**RECORDS PROVIDED**
════════

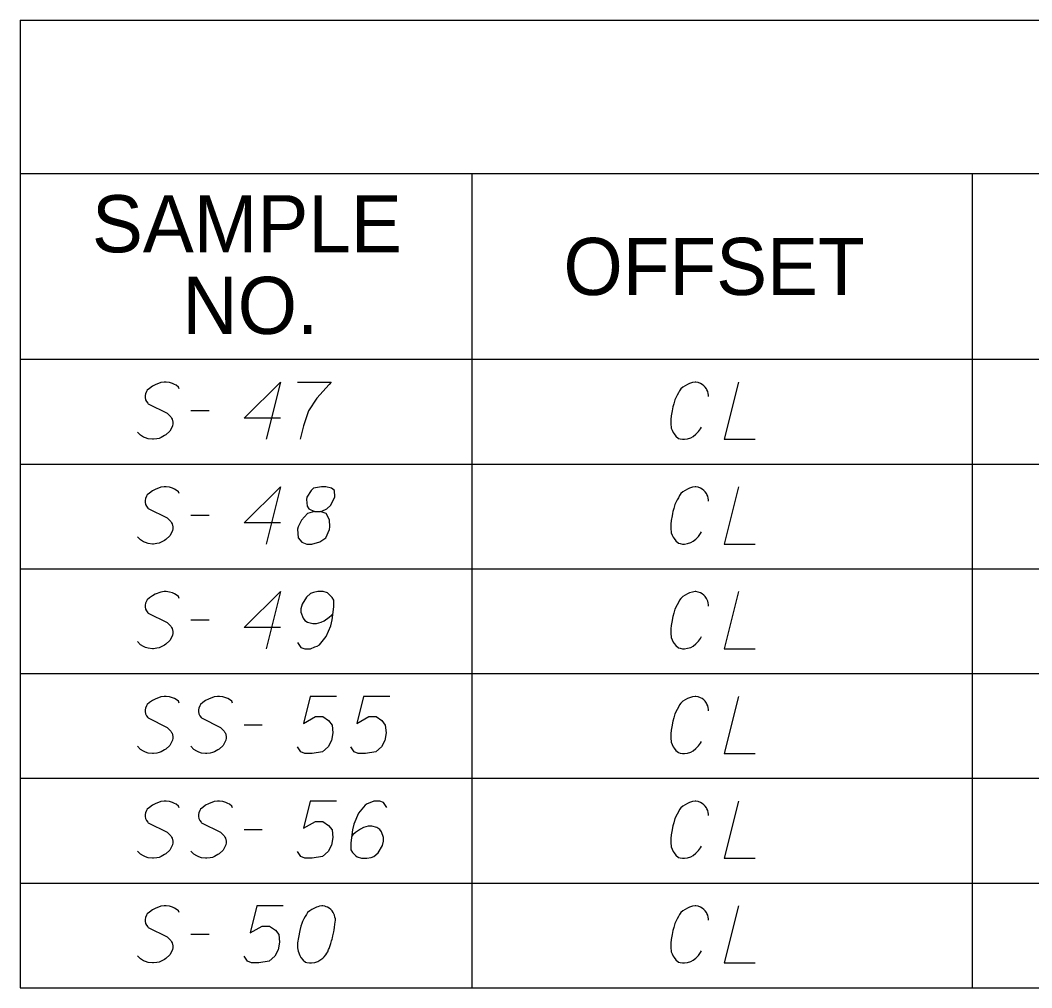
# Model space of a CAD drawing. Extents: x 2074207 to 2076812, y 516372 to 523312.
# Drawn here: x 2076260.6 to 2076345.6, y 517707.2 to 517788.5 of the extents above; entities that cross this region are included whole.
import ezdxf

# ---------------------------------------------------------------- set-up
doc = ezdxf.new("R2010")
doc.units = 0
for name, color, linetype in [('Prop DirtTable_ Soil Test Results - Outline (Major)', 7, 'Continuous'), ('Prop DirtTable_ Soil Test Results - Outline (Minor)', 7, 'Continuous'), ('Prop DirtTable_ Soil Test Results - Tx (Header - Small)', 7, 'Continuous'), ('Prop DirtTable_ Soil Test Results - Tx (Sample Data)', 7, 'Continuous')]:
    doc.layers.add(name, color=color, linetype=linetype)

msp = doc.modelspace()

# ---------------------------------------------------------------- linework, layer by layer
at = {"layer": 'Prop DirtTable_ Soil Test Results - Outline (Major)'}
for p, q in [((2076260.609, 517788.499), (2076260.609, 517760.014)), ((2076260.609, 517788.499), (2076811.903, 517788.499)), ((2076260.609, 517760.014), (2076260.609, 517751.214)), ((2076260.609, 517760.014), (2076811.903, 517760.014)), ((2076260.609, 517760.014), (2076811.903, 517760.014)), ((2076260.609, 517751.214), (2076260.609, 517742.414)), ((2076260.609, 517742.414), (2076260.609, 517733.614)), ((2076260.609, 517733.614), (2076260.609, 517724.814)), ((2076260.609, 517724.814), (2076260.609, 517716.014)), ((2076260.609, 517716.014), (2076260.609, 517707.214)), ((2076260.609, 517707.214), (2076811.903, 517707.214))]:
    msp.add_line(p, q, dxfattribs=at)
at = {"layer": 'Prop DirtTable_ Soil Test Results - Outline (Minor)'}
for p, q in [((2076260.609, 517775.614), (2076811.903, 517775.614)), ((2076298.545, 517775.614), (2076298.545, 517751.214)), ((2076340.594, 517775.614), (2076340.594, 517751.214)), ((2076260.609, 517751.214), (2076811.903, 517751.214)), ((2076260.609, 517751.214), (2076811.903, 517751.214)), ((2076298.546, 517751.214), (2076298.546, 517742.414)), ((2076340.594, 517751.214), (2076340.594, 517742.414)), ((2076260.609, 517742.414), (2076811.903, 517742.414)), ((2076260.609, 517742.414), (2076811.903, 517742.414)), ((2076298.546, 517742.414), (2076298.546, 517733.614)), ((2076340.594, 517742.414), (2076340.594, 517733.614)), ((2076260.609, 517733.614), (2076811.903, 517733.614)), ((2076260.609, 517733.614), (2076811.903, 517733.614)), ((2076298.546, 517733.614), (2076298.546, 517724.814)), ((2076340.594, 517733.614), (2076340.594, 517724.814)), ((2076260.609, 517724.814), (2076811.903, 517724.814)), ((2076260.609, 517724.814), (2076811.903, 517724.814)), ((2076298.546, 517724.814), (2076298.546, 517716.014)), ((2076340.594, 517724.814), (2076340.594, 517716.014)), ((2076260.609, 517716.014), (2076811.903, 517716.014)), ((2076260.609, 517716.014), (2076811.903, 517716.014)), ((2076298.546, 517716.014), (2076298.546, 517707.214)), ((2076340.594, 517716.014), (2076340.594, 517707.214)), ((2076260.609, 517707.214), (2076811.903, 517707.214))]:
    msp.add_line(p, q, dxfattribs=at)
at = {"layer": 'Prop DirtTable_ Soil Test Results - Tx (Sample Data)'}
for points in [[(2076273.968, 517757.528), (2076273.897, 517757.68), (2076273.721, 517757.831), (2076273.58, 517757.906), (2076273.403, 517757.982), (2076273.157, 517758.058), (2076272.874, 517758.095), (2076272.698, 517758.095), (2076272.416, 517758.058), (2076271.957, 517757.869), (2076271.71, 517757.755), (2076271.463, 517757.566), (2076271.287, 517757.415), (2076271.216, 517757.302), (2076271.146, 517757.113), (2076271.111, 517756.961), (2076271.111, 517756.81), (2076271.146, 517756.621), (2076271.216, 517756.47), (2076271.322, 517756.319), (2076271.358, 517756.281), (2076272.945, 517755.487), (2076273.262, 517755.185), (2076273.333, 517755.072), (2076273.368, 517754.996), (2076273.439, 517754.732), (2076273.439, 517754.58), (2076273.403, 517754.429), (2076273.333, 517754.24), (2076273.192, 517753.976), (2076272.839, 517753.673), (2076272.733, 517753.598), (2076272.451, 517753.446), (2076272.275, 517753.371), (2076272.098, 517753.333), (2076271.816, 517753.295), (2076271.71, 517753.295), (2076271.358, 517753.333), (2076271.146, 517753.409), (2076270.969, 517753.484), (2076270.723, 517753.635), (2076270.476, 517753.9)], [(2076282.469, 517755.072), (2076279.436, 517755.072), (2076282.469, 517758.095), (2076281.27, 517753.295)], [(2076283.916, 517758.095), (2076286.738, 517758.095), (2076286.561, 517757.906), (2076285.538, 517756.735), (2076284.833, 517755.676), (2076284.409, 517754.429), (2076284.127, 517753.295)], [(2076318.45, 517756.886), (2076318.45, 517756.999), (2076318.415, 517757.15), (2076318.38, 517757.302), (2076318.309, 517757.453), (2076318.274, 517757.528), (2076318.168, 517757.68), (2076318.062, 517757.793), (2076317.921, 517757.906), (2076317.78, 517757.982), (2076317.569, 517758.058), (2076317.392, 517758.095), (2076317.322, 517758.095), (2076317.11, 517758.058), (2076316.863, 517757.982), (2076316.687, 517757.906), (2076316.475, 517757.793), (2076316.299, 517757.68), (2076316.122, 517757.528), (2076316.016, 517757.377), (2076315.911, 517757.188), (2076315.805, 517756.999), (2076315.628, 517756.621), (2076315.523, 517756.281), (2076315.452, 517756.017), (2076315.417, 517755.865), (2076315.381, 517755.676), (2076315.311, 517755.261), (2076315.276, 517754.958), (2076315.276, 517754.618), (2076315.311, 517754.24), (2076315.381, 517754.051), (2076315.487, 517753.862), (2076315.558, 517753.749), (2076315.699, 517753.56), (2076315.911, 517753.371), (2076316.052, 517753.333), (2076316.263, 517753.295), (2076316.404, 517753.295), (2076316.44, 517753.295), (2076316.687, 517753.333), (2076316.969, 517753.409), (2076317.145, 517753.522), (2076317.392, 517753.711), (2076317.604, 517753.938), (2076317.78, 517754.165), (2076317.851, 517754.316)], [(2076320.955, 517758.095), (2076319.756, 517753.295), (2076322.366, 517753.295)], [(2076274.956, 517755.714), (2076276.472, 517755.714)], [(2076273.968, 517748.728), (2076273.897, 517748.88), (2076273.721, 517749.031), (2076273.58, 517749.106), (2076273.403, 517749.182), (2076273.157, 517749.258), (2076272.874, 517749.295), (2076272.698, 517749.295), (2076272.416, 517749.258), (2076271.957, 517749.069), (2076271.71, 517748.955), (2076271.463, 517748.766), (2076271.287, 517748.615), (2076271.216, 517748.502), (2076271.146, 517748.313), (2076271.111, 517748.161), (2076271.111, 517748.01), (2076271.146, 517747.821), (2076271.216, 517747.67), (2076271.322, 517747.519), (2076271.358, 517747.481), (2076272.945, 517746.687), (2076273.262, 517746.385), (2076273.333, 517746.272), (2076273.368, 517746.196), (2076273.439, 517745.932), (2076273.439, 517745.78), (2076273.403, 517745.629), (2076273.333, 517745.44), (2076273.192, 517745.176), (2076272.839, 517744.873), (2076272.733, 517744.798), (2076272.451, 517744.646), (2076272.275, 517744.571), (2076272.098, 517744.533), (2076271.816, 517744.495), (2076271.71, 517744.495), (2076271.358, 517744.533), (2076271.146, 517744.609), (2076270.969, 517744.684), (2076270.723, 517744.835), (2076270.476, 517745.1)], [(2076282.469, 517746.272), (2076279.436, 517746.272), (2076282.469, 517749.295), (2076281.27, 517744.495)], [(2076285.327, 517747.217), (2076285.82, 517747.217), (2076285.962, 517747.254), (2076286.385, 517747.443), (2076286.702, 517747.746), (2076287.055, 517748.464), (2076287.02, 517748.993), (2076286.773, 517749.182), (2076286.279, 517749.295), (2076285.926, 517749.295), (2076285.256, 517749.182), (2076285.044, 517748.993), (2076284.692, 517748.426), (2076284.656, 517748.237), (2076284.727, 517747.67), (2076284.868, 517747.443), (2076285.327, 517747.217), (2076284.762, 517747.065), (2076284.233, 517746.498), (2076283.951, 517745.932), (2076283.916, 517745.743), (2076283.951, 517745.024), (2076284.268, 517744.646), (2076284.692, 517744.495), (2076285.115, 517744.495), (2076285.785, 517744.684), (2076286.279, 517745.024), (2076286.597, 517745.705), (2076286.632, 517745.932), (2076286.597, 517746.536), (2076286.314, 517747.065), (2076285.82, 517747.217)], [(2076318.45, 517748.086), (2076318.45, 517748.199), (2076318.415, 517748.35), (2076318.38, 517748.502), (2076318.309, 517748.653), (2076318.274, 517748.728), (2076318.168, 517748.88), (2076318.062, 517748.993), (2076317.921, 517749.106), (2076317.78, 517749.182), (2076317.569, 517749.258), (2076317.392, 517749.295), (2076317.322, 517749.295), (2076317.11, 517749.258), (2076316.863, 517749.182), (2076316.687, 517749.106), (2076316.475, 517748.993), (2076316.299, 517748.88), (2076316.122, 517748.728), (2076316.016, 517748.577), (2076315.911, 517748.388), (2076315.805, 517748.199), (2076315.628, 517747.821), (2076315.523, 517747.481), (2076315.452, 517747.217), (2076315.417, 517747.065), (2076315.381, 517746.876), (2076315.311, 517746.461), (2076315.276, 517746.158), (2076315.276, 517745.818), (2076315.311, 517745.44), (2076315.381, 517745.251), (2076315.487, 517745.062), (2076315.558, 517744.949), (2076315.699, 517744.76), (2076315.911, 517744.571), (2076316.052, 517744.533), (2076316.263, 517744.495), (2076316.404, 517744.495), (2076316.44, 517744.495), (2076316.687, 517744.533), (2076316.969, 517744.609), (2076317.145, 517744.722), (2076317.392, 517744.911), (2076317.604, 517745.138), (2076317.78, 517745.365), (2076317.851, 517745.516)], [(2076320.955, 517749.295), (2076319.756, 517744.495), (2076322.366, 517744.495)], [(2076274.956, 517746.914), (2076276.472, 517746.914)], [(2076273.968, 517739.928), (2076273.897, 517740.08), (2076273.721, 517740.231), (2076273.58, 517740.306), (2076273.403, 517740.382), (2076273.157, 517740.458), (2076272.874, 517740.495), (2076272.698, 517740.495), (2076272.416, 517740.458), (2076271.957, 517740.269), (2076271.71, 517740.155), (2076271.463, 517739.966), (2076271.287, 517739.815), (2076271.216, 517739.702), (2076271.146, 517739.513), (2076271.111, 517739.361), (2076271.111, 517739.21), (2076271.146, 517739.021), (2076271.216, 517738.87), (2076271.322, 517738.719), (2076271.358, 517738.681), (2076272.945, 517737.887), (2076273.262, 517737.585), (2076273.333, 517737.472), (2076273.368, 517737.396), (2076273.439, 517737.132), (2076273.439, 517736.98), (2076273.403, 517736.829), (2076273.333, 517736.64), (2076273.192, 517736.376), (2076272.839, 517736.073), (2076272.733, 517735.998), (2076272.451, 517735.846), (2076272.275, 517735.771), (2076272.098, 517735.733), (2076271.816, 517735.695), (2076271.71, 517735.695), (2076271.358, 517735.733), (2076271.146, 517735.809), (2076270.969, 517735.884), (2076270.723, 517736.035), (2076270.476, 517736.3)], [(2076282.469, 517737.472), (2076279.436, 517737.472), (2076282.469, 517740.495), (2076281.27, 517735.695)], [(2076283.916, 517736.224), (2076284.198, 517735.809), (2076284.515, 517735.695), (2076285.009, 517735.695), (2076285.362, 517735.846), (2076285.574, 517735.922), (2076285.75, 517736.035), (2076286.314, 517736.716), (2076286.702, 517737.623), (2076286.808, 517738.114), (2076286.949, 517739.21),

════════

**WORK INSTRUCTIONS**
Show each line of the material that includes the string "Data" by copying it.

**RESPONSE AREA**
for name, color, linetype in [('Prop DirtTable_ Soil Test Results - Outline (Major)', 7, 'Continuous'), ('Prop DirtTable_ Soil Test Results - Outline (Minor)', 7, 'Continuous'), ('Prop DirtTable_ Soil Test Results - Tx (Header - Small)', 7, 'Continuous'), ('Prop DirtTable_ Soil Test Results - Tx (Sample Data)', 7, 'Continuous')]:
at = {"layer": 'Prop DirtTable_ Soil Test Results - Tx (Sample Data)'}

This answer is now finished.